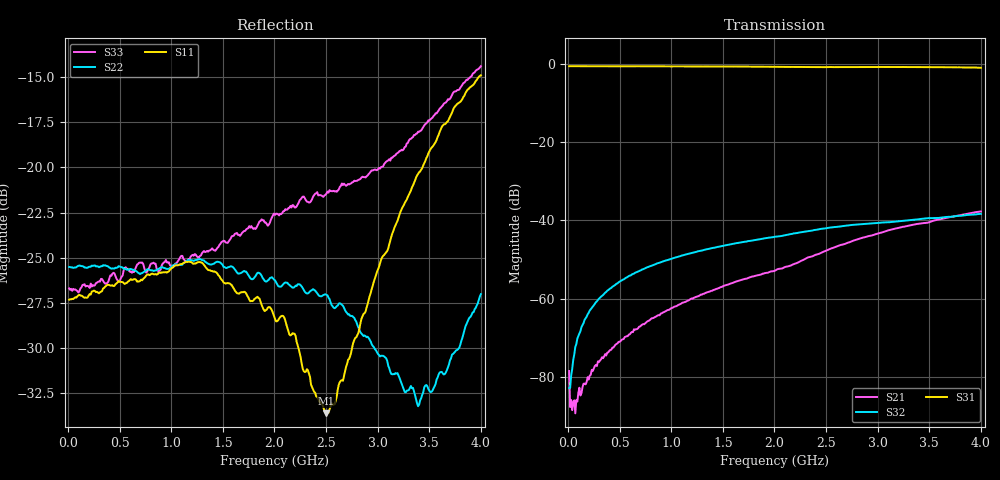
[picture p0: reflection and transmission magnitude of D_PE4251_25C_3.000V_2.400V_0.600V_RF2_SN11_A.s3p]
! Device ID: PE4251_SoldCshunt_081809
! Dir: c:\Test Bench Repositories\Bench_Software_CVI_Version_8\trunk\PSC 4Port_VNA Bench\datalog\4250\TEST\PE4251_SoldCshunt_081809\25C\3p000000\RF2
! Serial: 11
! Insertion: A
! Temp: 25C
! VDD: 3.000
! Control_Hi: 80.000
! Control_Lo: 20.000
! Logic State: RF2
! Port 1: RFC
! Port 2: RF1
! Port 3: RF2
! V1 = 0.60
! V2 = 0.60
! V3 = 0.60
! IDD: 4.326110e-05
! FILE NAME
! DATE 08/18/09  20:12
! CORRECTED  DATA
#  Hz  S  RI  R  50.00
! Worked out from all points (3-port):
!   401 points, 10 MHz to 4 GHz, reference 50 ohm
!   strongest paths, dB at 10 MHz, 1.008 GHz, 2.005 GHz, 3.002 GHz, 4 GHz:
!     S31: -0.6, -0.6, -0.7, -0.7, -0.9
!     S32: -82.9, -49.8, -44.2, -40.7, -38.3
!     S21: -78.5, -62.4, -52.9, -43.4, -37.7
!   lowest |S11| = -33.6 dB at 2.504 GHz (marker M1), VSWR 1.04, Z = 50.5 - j2.03 ohm
!   |S11| at or under -10 dB: start of sweep to end of sweep
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1e7  0.043 -0.000774  0.00011 -3.84e-06  0.9375 -0.003
     -7.73e-06 -0.000118  0.053 -0.00091  -4.32e-06 -3.09e-05
     0.9373 -0.00435  -1.44e-05 6.99e-05  0.0462 0.000272
8.98e7  0.0439 0.0011  1.73e-05 -5.63e-05  0.9384 -0.0323
        2.09e-05 -4.32e-05  0.0532 -0.00125  3.69e-05 0.000296
        0.939 -0.0323  3.82e-05 0.000305  0.0454 -0.000949
1.79575e8  0.0435 0.00192  2.55e-06 -8.25e-05  0.9362 -0.063
           4.22e-07 -8.53e-05  0.0527 -0.00155  6.21e-05 0.000581
           0.9362 -0.0635  5.82e-05 0.000582  0.0469 0.000293
2.99275e8  0.0446 0.00325  -3.76e-05 -0.000146  0.9317 -0.1052
           -4.39e-05 -0.000148  0.0528 -0.00257  8.93e-05 0.000985
           0.9315 -0.1043  8.55e-05 0.000992  0.0483 -0.000765
4.888e8  0.0484 0.00172  -0.000162 -0.000213  0.9203 -0.1682
         -0.000164 -0.000225  0.053 -0.00457  0.00015 0.0016
         0.9205 -0.1676  0.000153 0.0016  0.0483 -0.00413
1.0474e9  0.0524 -0.0108  -0.00074 -0.000317  0.8665 -0.3486
          -0.000734 -0.000311  0.0527 -0.0114  0.000505 0.00334
          0.867 -0.3484  0.000496 0.00333  0.0532 -0.0103
2.005e9  0.0353 -0.0142  -0.00224 -0.000388  0.6958 -0.6049
         -0.00224 -0.000387  0.0481 -0.00714  0.00117 0.00605
         0.6966 -0.6053  0.00116 0.00608  0.0665 -0.0322
2.50375e9  0.00558 -0.02  -0.00403 -0.000814  0.5843 -0.7029
           -0.00402 -0.000831  0.0444 -0.000219  0.00158 0.00779
           0.5866 -0.703  0.0016 0.00777  0.0529 -0.0661
3.391525e9  -0.0879 -0.0387  -0.00899 0.00106  0.3452 -0.846
            -0.00898 0.00107  0.0127 0.0177  0.00237 0.01
            0.3472 -0.846  0.00235 0.01  -0.0279 -0.1225
4e9  -0.1783 -0.0269  -0.0125 0.00371  0.1302 -0.8875
     -0.0125 0.0037  -0.0264 0.0359  0.00251 0.0118
     0.1312 -0.8868  0.0025 0.0119  -0.135 -0.1351

----

▸ WHAT THIS TASK INVOLVES:
Word for word, write out each of the records, but not the pictures.

▸ EXPECTED OUTPUT:
[picture p0: reflection and transmission magnitude of D_PE4251_25C_3.000V_2.400V_0.600V_RF2_SN11_A.s3p]
! Device ID: PE4251_SoldCshunt_081809
! Dir: c:\Test Bench Repositories\Bench_Software_CVI_Version_8\trunk\PSC 4Port_VNA Bench\datalog\4250\TEST\PE4251_SoldCshunt_081809\25C\3p000000\RF2
! Serial: 11
! Insertion: A
! Temp: 25C
! VDD: 3.000
! Control_Hi: 80.000
! Control_Lo: 20.000
! Logic State: RF2
! Port 1: RFC
! Port 2: RF1
! Port 3: RF2
! V1 = 0.60
! V2 = 0.60
! V3 = 0.60
! IDD: 4.326110e-05
! FILE NAME
! DATE 08/18/09  20:12
! CORRECTED  DATA
#  Hz  S  RI  R  50.00
! Worked out from all points (3-port):
!   401 points, 10 MHz to 4 GHz, reference 50 ohm
!   strongest paths, dB at 10 MHz, 1.008 GHz, 2.005 GHz, 3.002 GHz, 4 GHz:
!     S31: -0.6, -0.6, -0.7, -0.7, -0.9
!     S32: -82.9, -49.8, -44.2, -40.7, -38.3
!     S21: -78.5, -62.4, -52.9, -43.4, -37.7
!   lowest |S11| = -33.6 dB at 2.504 GHz (marker M1), VSWR 1.04, Z = 50.5 - j2.03 ohm
!   |S11| at or under -10 dB: start of sweep to end of sweep
1e7  0.043 -0.000774  0.00011 -3.84e-06  0.9375 -0.003
     -7.73e-06 -0.000118  0.053 -0.00091  -4.32e-06 -3.09e-05
     0.9373 -0.00435  -1.44e-05 6.99e-05  0.0462 0.000272
8.98e7  0.0439 0.0011  1.73e-05 -5.63e-05  0.9384 -0.0323
        2.09e-05 -4.32e-05  0.0532 -0.00125  3.69e-05 0.000296
        0.939 -0.0323  3.82e-05 0.000305  0.0454 -0.000949
1.79575e8  0.0435 0.00192  2.55e-06 -8.25e-05  0.9362 -0.063
           4.22e-07 -8.53e-05  0.0527 -0.00155  6.21e-05 0.000581
           0.9362 -0.0635  5.82e-05 0.000582  0.0469 0.000293
2.99275e8  0.0446 0.00325  -3.76e-05 -0.000146  0.9317 -0.1052
           -4.39e-05 -0.000148  0.0528 -0.00257  8.93e-05 0.000985
           0.9315 -0.1043  8.55e-05 0.000992  0.0483 -0.000765
4.888e8  0.0484 0.00172  -0.000162 -0.000213  0.9203 -0.1682
         -0.000164 -0.000225  0.053 -0.00457  0.00015 0.0016
         0.9205 -0.1676  0.000153 0.0016  0.0483 -0.00413
1.0474e9  0.0524 -0.0108  -0.00074 -0.000317  0.8665 -0.3486
          -0.000734 -0.000311  0.0527 -0.0114  0.000505 0.00334
          0.867 -0.3484  0.000496 0.00333  0.0532 -0.0103
2.005e9  0.0353 -0.0142  -0.00224 -0.000388  0.6958 -0.6049
         -0.00224 -0.000387  0.0481 -0.00714  0.00117 0.00605
         0.6966 -0.6053  0.00116 0.00608  0.0665 -0.0322
2.50375e9  0.00558 -0.02  -0.00403 -0.000814  0.5843 -0.7029
           -0.00402 -0.000831  0.0444 -0.000219  0.00158 0.00779
           0.5866 -0.703  0.0016 0.00777  0.0529 -0.0661
3.391525e9  -0.0879 -0.0387  -0.00899 0.00106  0.3452 -0.846
            -0.00898 0.00107  0.0127 0.0177  0.00237 0.01
            0.3472 -0.846  0.00235 0.01  -0.0279 -0.1225
4e9  -0.1783 -0.0269  -0.0125 0.00371  0.1302 -0.8875
     -0.0125 0.0037  -0.0264 0.0359  0.00251 0.0118
     0.1312 -0.8868  0.0025 0.0119  -0.135 -0.1351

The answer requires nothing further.